When the OEM requests a change — a new battery chemistry requires a different SOC algorithm — the impact ripples across all four standards. Tracking that impact manually, in four separate teams, with separate document review cycles, is where programs accumulate the silent inconsistencies that surface in certification audits.
How ISO WIZ Addresses the BMS-OTA Scenario
ISO WIZ was built specifically for programs with multi-standard compliance requirements. For the BMS-OTA scenario, it provides:
Unified item definition. A single item definition feeds all four standards. The BMS interfaces, the OTA channel, the HVIL function, and the SOC algorithm are defined once and referenced across HARA, TARA, SOTIF analysis, and ASPICE software requirements.
Cross-standard traceability. The link between a HARA hazardous event and the corresponding TARA damage scenario is a live, bidirectional traceability link. When either document is updated, the other flags the linked item for review. The same mechanism connects SOTIF triggering conditions to ASPICE software requirements.
Gap detection across standards. If the SecOC implementation adds CAN bus load that affects the ASIL C FTTI budget, ISO WIZ detects the gap between the safety timing requirement and the cybersecurity implementation constraint and surfaces it as an open finding — before it becomes a field problem.

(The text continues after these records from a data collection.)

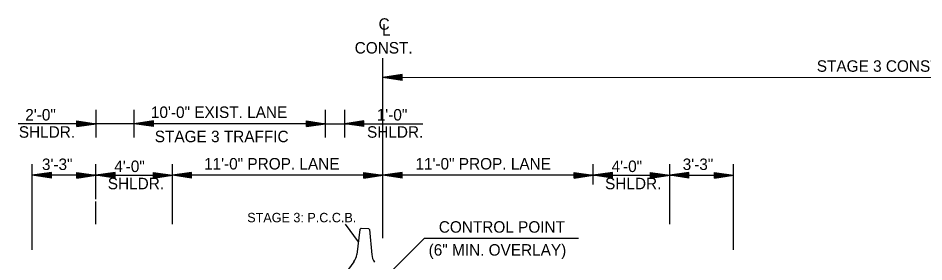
# Model space of a CAD drawing. Extents: x 2829243 to 2838161, y 467639 to 474695.
# Drawn here: x 2830179.9 to 2830653.4, y 468776.7 to 468904.2 of the extents above; entities that cross this region are included whole.
import ezdxf

# ---------------------------------------------------------------- set-up
doc = ezdxf.new("R2010")
doc.units = 0
for name, color, linetype in [('R_Dimension', 7, 'Continuous'), ('R_Draft', 7, 'Continuous'), ('R_MOT', 7, 'Continuous')]:
    doc.layers.add(name, color=color, linetype=linetype)

msp = doc.modelspace()

# ---------------------------------------------------------------- linework, layer by layer
at = {"layer": 'R_Dimension'}
for p, q in [((2830370.56, 468789.01), (2830370.56, 468883.26)), ((2830380.56, 468874.6), (2830370.56, 468873.1)), ((2830932.13, 468872.89), (2830370.56, 468873.1)), ((2830380.56, 468871.6), (2830370.56, 468873.1)), ((2830380.56, 468874.35), (2830372.23, 468873.1)), ((2830380.56, 468871.85), (2830372.23, 468873.1)), ((2830380.56, 468874.09), (2830373.95, 468873.1)), ((2830380.56, 468872.1), (2830373.95, 468873.1)), ((2830380.56, 468873.84), (2830375.62, 468873.1)), ((2830380.56, 468872.35), (2830375.62, 468873.1)), ((2830380.56, 468873.59), (2830377.31, 468873.1)), ((2830380.56, 468872.61), (2830377.31, 468873.1)), ((2830380.56, 468873.33), (2830378.98, 468873.1)), ((2830380.56, 468872.86), (2830378.98, 468873.1)), ((2830380.56, 468871.6), (2830380.56, 468874.6)), ((2830220.62, 468841.67), (2830220.62, 468856.2)), ((2830240.62, 468841.67), (2830240.62, 468856.2)), ((2830340.62, 468841.67), (2830340.62, 468856.2)), ((2830350.62, 468841.67), (2830350.62, 468856.2)), ((2830240.62, 468848.94), (2830179.86, 468848.94)), ((2830210.62, 468850.44), (2830220.62, 468848.94)), ((2830210.62, 468847.44), (2830210.62, 468850.44)), ((2830210.62, 468850.19), (2830218.95, 468848.94)), ((2830210.62, 468849.93), (2830217.23, 468848.94)), ((2830210.62, 468849.68), (2830215.56, 468848.94)), ((2830210.62, 468849.43), (2830213.87, 468848.94)), ((2830210.62, 468849.17), (2830212.2, 468848.94)), ((2830210.62, 468847.44), (2830220.62, 468848.94)), ((2830210.62, 468848.45), (2830213.87, 468848.94)), ((2830210.62, 468847.94), (2830217.23, 468848.94)), ((2830210.62, 468847.69), (2830218.95, 468848.94)), ((2830210.62, 468848.19), (2830215.56, 468848.94)), ((2830210.62, 468848.7), (2830212.2, 468848.94)), ((2830250.62, 468850.44), (2830240.62, 468848.94)), ((2830340.62, 468848.94), (2830240.62, 468848.94)), ((2830250.62, 468847.44), (2830240.62, 468848.94)), ((2830250.62, 468850.19), (2830242.29, 468848.94)), ((2830250.62, 468847.69), (2830242.29, 468848.94)), ((2830250.62, 468849.93), (2830244.01, 468848.94)), ((2830250.62, 468847.94), (2830244.01, 468848.94)), ((2830250.62, 468849.68), (2830245.67, 468848.94)), ((2830250.62, 468848.19), (2830245.67, 468848.94)), ((2830250.62, 468849.43), (2830247.37, 468848.94)), ((2830250.62, 468848.45), (2830247.37, 468848.94)), ((2830250.62, 468849.17), (2830249.04, 468848.94)), ((2830250.62, 468848.7), (2830249.04, 468848.94)), ((2830250.62, 468847.44), (2830250.62, 468850.44)), ((2830330.62, 468850.44), (2830340.62, 468848.94)), ((2830330.62, 468847.44), (2830330.62, 468850.44)), ((2830330.62, 468850.19), (2830338.95, 468848.94)), ((2830330.62, 468849.93), (2830337.23, 468848.94)), ((2830330.62, 468849.68), (2830335.56, 468848.94)), ((2830330.62, 468849.43), (2830333.87, 468848.94)), ((2830330.62, 468849.17), (2830332.2, 468848.94)), ((2830330.62, 468847.44), (2830340.62, 468848.94)), ((2830330.62, 468848.45), (2830333.87, 468848.94)), ((2830330.62, 468847.94), (2830337.23, 468848.94)), ((2830330.62, 468847.69), (2830338.95, 468848.94)), ((2830330.62, 468848.19), (2830335.56, 468848.94)), ((2830330.62, 468848.7), (2830332.2, 468848.94)), ((2830330.62, 468848.94), (2830391.37, 468848.94)), ((2830360.62, 468850.44), (2830350.62, 468848.94)), ((2830360.62, 468850.44), (2830350.62, 468848.94)), ((2830360.62, 468847.44), (2830350.62, 468848.94)), ((2830360.62, 468847.44), (2830350.62, 468848.94)), ((2830360.62, 468850.19), (2830352.29, 468848.94)), ((2830360.62, 468850.19), (2830352.29, 468848.94)), ((2830360.62, 468847.69), (2830352.29, 468848.94)), ((2830360.62, 468847.69), (2830352.29, 468848.94)), ((2830360.62, 468849.93), (2830354.01, 468848.94)), ((2830360.62, 468849.93), (2830354.01, 468848.94)), ((2830360.62, 468847.94), (2830354.01, 468848.94)), ((2830360.62, 468847.94), (2830354.01, 468848.94)), ((2830360.62, 468849.68), (2830355.67, 468848.94)), ((2830360.62, 468849.68), (2830355.67, 468848.94)), ((2830360.62, 468848.19), (2830355.67, 468848.94)), ((2830360.62, 468848.19), (2830355.67, 468848.94)), ((2830360.62, 468849.43), (2830357.37, 468848.94)), ((2830360.62, 468849.43), (2830357.37, 468848.94)), ((2830360.62, 468848.45), (2830357.37, 468848.94)), ((2830360.62, 468848.45), (2830357.37, 468848.94)), ((2830360.62, 468849.17), (2830359.04, 468848.94)), ((2830360.62, 468849.17), (2830359.04, 468848.94)), ((2830360.62, 468848.7), (2830359.04, 468848.94)), ((2830360.62, 468848.7), (2830359.04, 468848.94)), ((2830360.62, 468847.44), (2830360.62, 468850.44)), ((2830360.62, 468847.44), (2830360.62, 468850.44)), ((2830187.23, 468782.9), (2830187.23, 468827.72)), ((2830220.56, 468809.39), (2830220.56, 468827.72)), ((2830260.56, 468796.42), (2830260.56, 468827.72)), ((2830480.56, 468817.22), (2830480.56, 468827.72)), ((2830520.56, 468796.42), (2830520.56, 468827.72)), ((2830553.89, 468782.9), (2830553.89, 468827.72)), ((2830197.23, 468823.48), (2830187.23, 468821.98)), ((2830197.23, 468820.48), (2830187.23, 468821.98)), ((2830220.56, 468821.98), (2830187.79, 468821.98)), ((2830197.23, 468823.23), (2830188.9, 468821.98)), ((2830197.23, 468820.73), (2830188.9, 468821.98)), ((2830197.23, 468822.97), (2830190.62, 468821.98)), ((2830197.23, 468820.98), (2830190.62, 468821.98)), ((2830197.23, 468822.72), (2830192.29, 468821.98)), ((2830197.23, 468821.23), (2830192.29, 468821.98)), ((2830197.23, 468822.47), (2830193.98, 468821.98)), ((2830197.23, 468821.49), (2830193.98, 468821.98)), ((2830197.23, 468822.21), (2830195.65, 468821.98)), ((2830197.23, 468821.74), (2830195.65, 468821.98)), ((2830197.23, 468820.48), (2830197.23, 468823.48)), ((2830210.56, 468823.48), (2830220.56, 468821.98)), ((2830210.56, 468820.48), (2830210.56, 468823.48)), ((2830210.56, 468823.23), (2830218.89, 468821.98)), ((2830210.56, 468822.97), (2830217.17, 468821.98)), ((2830210.56, 468822.72), (2830215.51, 468821.98)), ((2830210.56, 468822.47), (2830213.81, 468821.98)), ((2830210.56, 468822.21), (2830212.14, 468821.98)), ((2830210.56, 468820.48), (2830220.56, 468821.98)), ((2830210.56, 468821.49), (2830213.81, 468821.98)), ((2830210.56, 468820.98), (2830217.17, 468821.98)), ((2830210.56, 468820.73), (2830218.89, 468821.98)), ((2830210.56, 468821.23), (2830215.51, 468821.98)), ((2830210.56, 468821.74), (2830212.14, 468821.98)), ((2830230.56, 468823.48), (2830220.56, 468821.98)), ((2830220.56, 468821.98), (2830260.56, 468821.98)), ((2830230.56, 468820.48), (2830220.56, 468821.98)), ((2830230.56, 468823.23), (2830222.23, 468821.98)), ((2830230.56, 468820.73), (2830222.23, 468821.98)), ((2830230.56, 468822.97), (2830223.95, 468821.98)), ((2830230.56, 468820.98), (2830223.95, 468821.98)), ((2830230.56, 468822.72), (2830225.62, 468821.98)), ((2830230.56, 468821.23), (2830225.62, 468821.98)), ((2830230.56, 468822.47), (2830227.31, 468821.98)), ((2830230.56, 468821.49), (2830227.31, 468821.98)), ((2830230.56, 468822.21), (2830228.98, 468821.98)), ((2830230.56, 468821.74), (2830228.98, 468821.98)), ((2830230.56, 468820.48), (2830230.56, 468823.48)), ((2830250.56, 468823.48), (2830260.56, 468821.98)), ((2830250.56, 468820.48), (2830250.56, 468823.48)), ((2830250.56, 468823.23), (2830258.89, 468821.98)), ((2830250.56, 468822.97), (2830257.17, 468821.98)), ((2830250.56, 468822.72), (2830255.51, 468821.98)), ((2830250.56, 468822.47), (2830253.81, 468821.98)), ((2830250.56, 468822.21), (2830252.14, 468821.98)), ((2830250.56, 468820.48), (2830260.56, 468821.98)), ((2830250.56, 468821.49), (2830253.81, 468821.98)), ((2830250.56, 468820.98), (2830257.17, 468821.98)), ((2830250.56, 468820.73), (2830258.89, 468821.98)), ((2830250.56, 468821.23), (2830255.51, 468821.98)), ((2830250.56, 468821.74), (2830252.14, 468821.98)), ((2830270.56, 468823.48), (2830260.56, 468821.98)), ((2830370.56, 468821.98), (2830260.56, 468821.98)), ((2830270.56, 468820.48), (2830260.56, 468821.98)), ((2830270.56, 468823.23), (2830262.23, 468821.98)), ((2830270.56, 468820.73), (2830262.23, 468821.98)), ((2830270.56, 468822.97), (2830263.95, 468821.98)), ((2830270.56, 468820.98), (2830263.95, 468821.98)), ((2830270.56, 468822.72), (2830265.62, 468821.98)), ((2830270.56, 468821.23), (2830265.62, 468821.98)), ((2830270.56, 468822.47), (2830267.31, 468821.98)), ((2830270.56, 468821.49), (2830267.31, 468821.98)), ((2830270.56, 468822.21), (2830268.98, 468821.98)), ((2830270.56, 468821.74), (2830268.98, 468821.98)), ((2830270.56, 468820.48), (2830270.56, 468823.48)), ((2830360.56, 468823.48), (2830370.56, 468821.98)), ((2830360.56, 468820.48), (2830360.56, 468823.48)), ((2830360.56, 468823.23), (2830368.89, 468821.98)), ((2830360.56, 468822.97), (2830367.17, 468821.98)), ((2830360.56, 468822.72), (2830365.51, 468821.98)), ((2830360.56, 468822.47), (2830363.81, 468821.98)), ((2830360.56, 468822.21), (2830362.14, 468821.98)), ((2830360.56, 468820.48), (2830370.56, 468821.98)), ((2830360.56, 468821.49), (2830363.81, 468821.98)), ((2830360.56, 468820.98), (2830367.17, 468821.98)), ((2830360.56, 468820.73), (2830368.89, 468821.98)), ((2830360.56, 468821.23), (2830365.51, 468821.98)), ((2830360.56, 468821.74), (2830362.14, 468821.98)), ((2830380.56, 468823.48), (2830370.56, 468821.98)), ((2830480.56, 468821.98), (2830370.56, 468821.98)), ((2830380.56, 468820.48), (2830370.56, 468821.98)), ((2830380.56, 468823.23), (2830372.23, 468821.98)), ((2830380.56, 468820.73), (2830372.23, 468821.98)), ((2830380.56, 468822.97), (2830373.95, 468821.98)), ((2830380.56, 468820.98), (2830373.95, 468821.98)), ((2830380.56, 468822.72), (2830375.62, 468821.98)), ((2830380.56, 468821.23), (2830375.62, 468821.98)), ((2830380.56, 468822.47), (2830377.31, 468821.98)), ((2830380.56, 468821.49), (2830377.31, 468821.98)), ((2830380.56, 468822.21), (2830378.98, 468821.98)), ((2830380.56, 468821.74), (2830378.98, 468821.98)), ((2830380.56, 468820.48), (2830380.56, 468823.48)), ((2830470.56, 468823.48), (2830480.56, 468821.98)), ((2830470.56, 468820.48), (2830470.56, 468823.48)), ((2830470.56, 468823.23), (2830478.89, 468821.98)), ((2830470.56, 468822.97), (2830477.17, 468821.98)), ((2830470.56, 468822.72), (2830475.51, 468821.98)), ((2830470.56, 468822.47), (2830473.81, 468821.98)), ((2830470.56, 468822.21), (2830472.14, 468821.98)), ((2830470.56, 468820.48), (2830480.56, 468821.98)), ((2830470.56, 468821.49), (2830473.81, 468821.98)), ((2830470.56, 468820.98), (2830477.17, 468821.98)), ((2830470.56, 468820.73), (2830478.89, 468821.98)), ((2830470.56, 468821.23), (2830475.51, 468821.98)), ((2830470.56, 468821.74), (2830472.14, 468821.98)), ((2830490.56, 468823.48), (2830480.56, 468821.98)), ((2830480.56, 468821.98), (2830520.56, 468821.98)), ((2830490.56, 468820.48), (2830480.56, 468821.98)), ((2830490.56, 468823.23), (2830482.23, 468821.98)), ((2830490.56, 468820.73), (2830482.23, 468821.98)), ((2830490.56, 468822.97), (2830483.95, 468821.98)), ((2830490.56, 468820.98), (2830483.95, 468821.98)), ((2830490.56, 468822.72), (2830485.62, 468821.98)), ((2830490.56, 468821.23), (2830485.62, 468821.98)), ((2830490.56, 468822.47), (2830487.31, 468821.98)), ((2830490.56, 468821.49), (2830487.31, 468821.98)), ((2830490.56, 468822.21), (2830488.98, 468821.98)), ((2830490.56, 468821.74), (2830488.98, 468821.98)), ((2830490.56, 468820.48), (2830490.56, 468823.48)), ((2830510.56, 468823.48), (2830520.56, 468821.98)), ((2830510.56, 468820.48), (2830510.56, 468823.48)), ((2830510.56, 468823.23), (2830518.89, 468821.98)), ((2830510.56, 468822.97), (2830517.17, 468821.98)), ((2830510.56, 468822.72), (2830515.51, 468821.98)), ((2830510.56, 468822.47), (2830513.81, 468821.98)), ((2830510.56, 468822.21), (2830512.14, 468821.98)), ((2830510.56, 468820.48), (2830520.56, 468821.98)), ((2830510.56, 468821.49), (2830513.81, 468821.98)), ((2830510.56, 468820.98), (2830517.17, 468821.98)), ((2830510.56, 468820.73), (2830518.89, 468821.98)), ((2830510.56, 468821.23), (2830515.51, 468821.98)), ((2830510.56, 468821.74), (2830512.14, 468821.98)), ((2830530.56, 468823.48), (2830520.56, 468821.98)), ((2830520.56, 468821.98), (2830553.33, 468821.98)), ((2830530.56, 468820.48), (2830520.56, 468821.98)), ((2830530.56, 468823.23), (2830522.23, 468821.98)), ((2830530.56, 468820.73), (2830522.23, 468821.98)), ((2830530.56, 468822.97), (2830523.95, 468821.98)), ((2830530.56, 468820.98), (2830523.95, 468821.98)), ((2830530.56, 468822.72), (2830525.62, 468821.98)), ((2830530.56, 468821.23), (2830525.62, 468821.98)), ((2830530.56, 468822.47), (2830527.31, 468821.98)), ((2830530.56, 468821.49), (2830527.31, 468821.98)), ((2830530.56, 468822.21), (2830528.98, 468821.98)), ((2830530.56, 468821.74), (2830528.98, 468821.98)), ((2830530.56, 468820.48), (2830530.56, 468823.48)), ((2830543.89, 468823.48), (2830553.89, 468821.98)), ((2830543.89, 468820.48), (2830543.89, 468823.48)), ((2830543.89, 468823.23), (2830552.22, 468821.98)), ((2830543.89, 468822.97), (2830550.5, 468821.98)), ((2830543.89, 468822.72), (2830548.84, 468821.98)), ((2830543.89, 468822.47), (2830547.14, 468821.98)), ((2830543.89, 468822.21), (2830545.47, 468821.98)), ((2830543.89, 468820.48), (2830553.89, 468821.98)), ((2830543.89, 468821.49), (2830547.14, 468821.98)), ((2830543.89, 468820.98), (2830550.5, 468821.98)), ((2830543.89, 468820.73), (2830552.22, 468821.98)), ((2830543.89, 468821.23), (2830548.84, 468821.98)), ((2830543.89, 468821.74), (2830545.47, 468821.98)), ((2830220.56, 468796.42), (2830220.56, 468808.29)), ((2830350.82, 468796.46), (2830357.7, 468787.11)), ((2830370.56, 468767.33), (2830392.31, 468789.08)), ((2830392.31, 468789.08), (2830472.82, 468789.08))]:
    msp.add_line(p, q, dxfattribs=at)
at = {"layer": 'R_MOT'}
for p, q in [((2830358.52, 468793.63), (2830356.89, 468780.59)), ((2830358.52, 468793.63), (2830359.22, 468794.23)), ((2830359.22, 468794.23), (2830362.97, 468794.16)), ((2830362.97, 468794.16), (2830363.65, 468793.52)), ((2830363.65, 468793.52), (2830364.77, 468780.43)), ((2830355.35, 468776.71), (2830350.62, 468770.23))]:
    msp.add_line(p, q, dxfattribs=at)
for centre, start, end in [((2830348.62, 468781.62), 323.8622, 352.8452), ((2830373.07, 468781.14), 184.8632, 213.8462)]:
    msp.add_arc(centre, 8.33, start, end, dxfattribs=at)

# ---------------------------------------------------------------- texts
at = {"layer": 'R_Dimension'}
for s, p in [('C', (2830368.31, 468898.08)), ('L', (2830370.12, 468895.03)), ('CONST.', (2830355.83, 468885.64)), ('STAGE 3 CONSTRUCTION', (2830597.42, 468876.1)), ('2\'-0"', (2830183.61, 468850.61)), ('10\'-0" EXIST. LANE', (2830249.29, 468851.94)), ('1\'-0"', (2830367.36, 468850.61)), ('SHLDR.', (2830180.23, 468841.61)), ('STAGE 3 TRAFFIC', (2830251.3, 468839.26)), ('SHLDR.', (2830362.28, 468841.61)), ('3\'-3"', (2830192.32, 468824.72)), ('4\'-0"', (2830230.12, 468823.65)), ('11\'-0" PROP. LANE', (2830277.07, 468824.98)), ('11\'-0" PROP. LANE', (2830387.59, 468824.98)), ('4\'-0"', (2830490.12, 468823.65)), ('3\'-3"', (2830527.31, 468824.72)), ('SHLDR.', (2830226.74, 468814.65)), ('SHLDR.', (2830486.74, 468814.65)), ('CONTROL POINT', (2830399.8, 468791.93)), ('(6" MIN. OVERLAY)', (2830394.48, 468779.93))]:
    msp.add_text(s, height=6, dxfattribs=at).set_placement(p)
at = {"layer": 'R_Draft'}
msp.add_text('STAGE 3: P.C.C.B.', height=4.9184, dxfattribs=at).set_placement((2830299.65, 468797.38))

doc.saveas('drawing.dxf')

Change impact analysis. When the battery chemistry changes, a single change entry in ISO WIZ propagates to all affected work products across all four standards, with a prioritized list of what needs re-review and what can be closed by confirmation that the change is out of scope.
The BMS-OTA compliance problem is hard not because any single standard is incomprehensible, but because the standards were written independently and their interactions are left to the development organization to manage. ISO WIZ provides the infrastructure to manage those interactions systematically.